If you have not seen any Tarantino; start with the classics first. This honestly felt like Reservoir Dogs in the wild west.

3 hours is a long film, but the 10 minute intermission for beer makes it easier. 

This films builds awesome tension (note the award winning score), but it also is very plodding. there is a ton of dialog - which is par for the course when watching Tarantino - but this felt like as a dialog writer he was just wanking a lot of the time.

i know its a normal convention in his films for backstory to be filled in by conversation, usually by a character saying "did you hear what he did to Tony Rocky Horror?" but he did this so many times in Hateful - and far less deftly than in Pulp Fiction - that it feels really contrived now. especially considering the character who does the most of this in the film is the most annoying character (he has a purposefully over-the-top southern accent).

Tarantino is in love with gore. he always had tons of blood, but it seems he is in love with close of shots of heads and faces exploding.

im in love with the first shot in the movie.

as for the title, literally everyone in this film is a character who is either cruel or annoying or Tim Roth. so you want them all dead for something  

tl;dr. it's great if you love Tarantino, but it is not his strongest work at all. Django felt like filler at times, and this film even more so. but his films are more about the movie going experience and i really enjoyed seeing it; especially in 70mm.


----------



## Emperor Guillotine (Jan 12, 2016)

I was rather disappointed in this film. Not Tarantino's best, but not his worst. Lots of filler. Usually his endless dialogue has points or structure. This film seemed less so. Still though, it's just shy of two hours of dialogue while you're waiting for what you know (as a Tarantino fan) is coming. The big bloody payoff. But at this point, I don't think that the payoff was worth it. Tarantino is one of my (very few) favorite directors, and I just think he is slipping at this point. He still makes his trademark "Tarantino films" that are mildly to fairly enjoyable. But there will never be another classic like _Reservoir Dogs_ or _Pulp Fiction_.
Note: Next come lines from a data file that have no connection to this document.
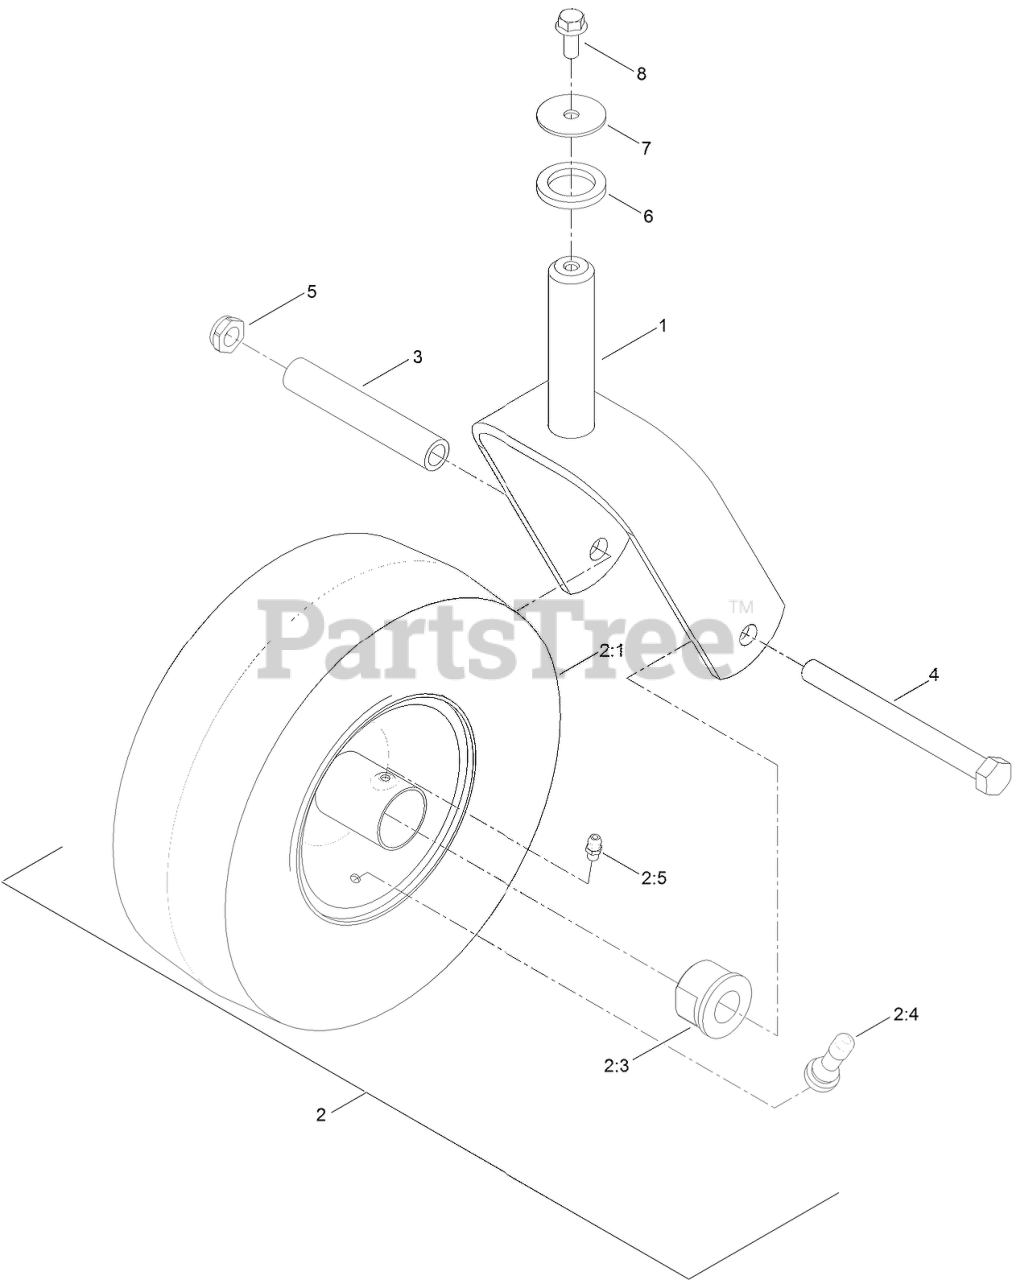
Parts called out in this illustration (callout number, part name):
1	CASTER FORK ASM
2	CASTER WHEEL ASM
2:3	BUSHING-FLANGE
2:5	FITTING-GREASE
2:6	TUBE-INNER
3	BUSHING-SPANNER
4	SCREW-HH
5	NUT-HEX
6	WASHER-THRUST
7	WASHER-FLAT
8	SCREW-HHF

Like someone said in the "Movies You've Been Watching" thread, Tim Roth's character pretty much felt like a role that should've been for Christoph Waltz. But he wasn't available, so they settles for Tim Roth. 
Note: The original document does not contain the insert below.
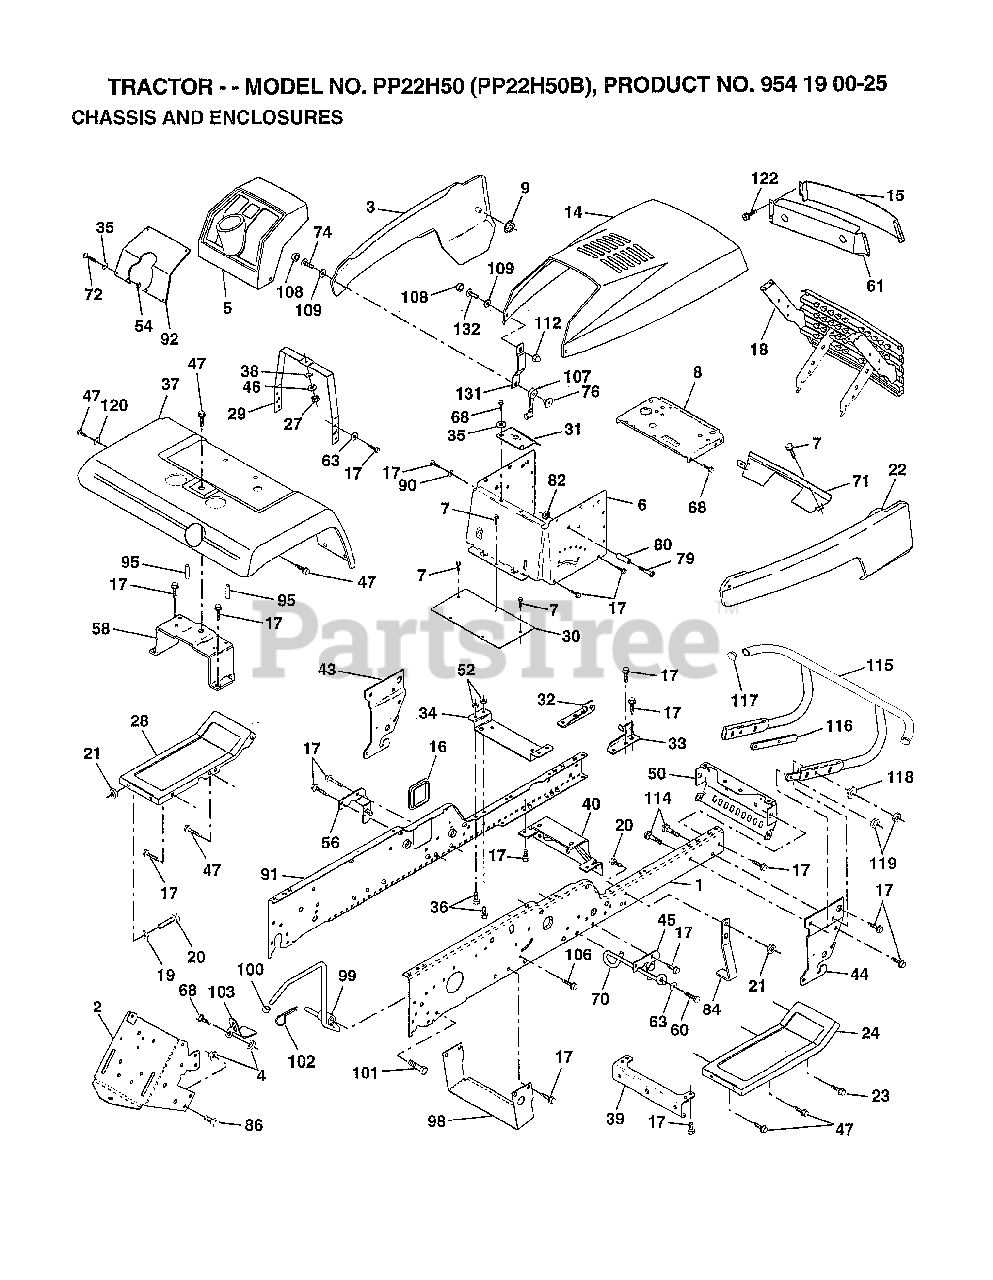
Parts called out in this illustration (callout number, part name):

There were some funny scenes that will make you laugh if you share the same sadistic, dark sense of humor. And for me and my friend that were watching it, we definitely laughed.


----------



## wankerness (Jan 12, 2016)

It didn't get a thread cause no one's going to see it! It sure did bomb. I'm surprised the Revenant is making so much more money than it since that's equally as long and even less accessible. Also, there was no thread cause those of us who saw it already had a discussion in the movies thread. Here are my two main posts about it from there:



wankerness said:


> Hateful Eight - This is the first Tarantino movie I really don't like. It's overlong (almost three hours), has no interesting characters, and is dramatically inert. It seems to be an attempt to stretch classic scenes like the cafe scene from Inglorious Basterds out to feature length, but it really failed IMO. The most unwatchable thing for me was how the primary source of "humor" was just Jennifer Jason Leigh getting punched in the face over and over. I can deal with that kind of violent slapstick when it's consistent with the tone of the film, but here it's ONLY directed at her character throughout the entire thing and it was really unpleasant considering she's the lone woman character besides a few others that show up for all of 2 minutes. Then it becomes far worse
> 
> 
> Spoiler
> ...






wankerness said:


> Well, when I saw it today there were exactly 4 other people in the audience, and they only laughed at appropriate times, so I came away with a much less disturbed impression of the movie. I still think it's his worst movie and could have EASILY dropped 45 minutes with no loss in quality (they could have taken out all the talk about two boards necessary, all the trips out to the outhouse, and most especially that whole stupid flashback which takes all the momentum out of the film and gives you exactly no information that you need to know other than filling the "plot hole" of why
> 
> 
> Spoiler
> ...


----------



## Lorcan Ward (Jan 12, 2016)

10/10 from me. I loved every second of it.


----------



## Emperor Guillotine (Jan 12, 2016)

One word to sum up the movie: dingus.


----------



## Ibanezsam4 (Jan 12, 2016)

wankerness said:


> It didn't get a thread cause no one's going to see it! It sure did bomb. I'm surprised the Revenant is making so much more money than it since that's equally as long and even less accessible. Also, there was no thread cause those of us who saw it already had a discussion in the movies thread.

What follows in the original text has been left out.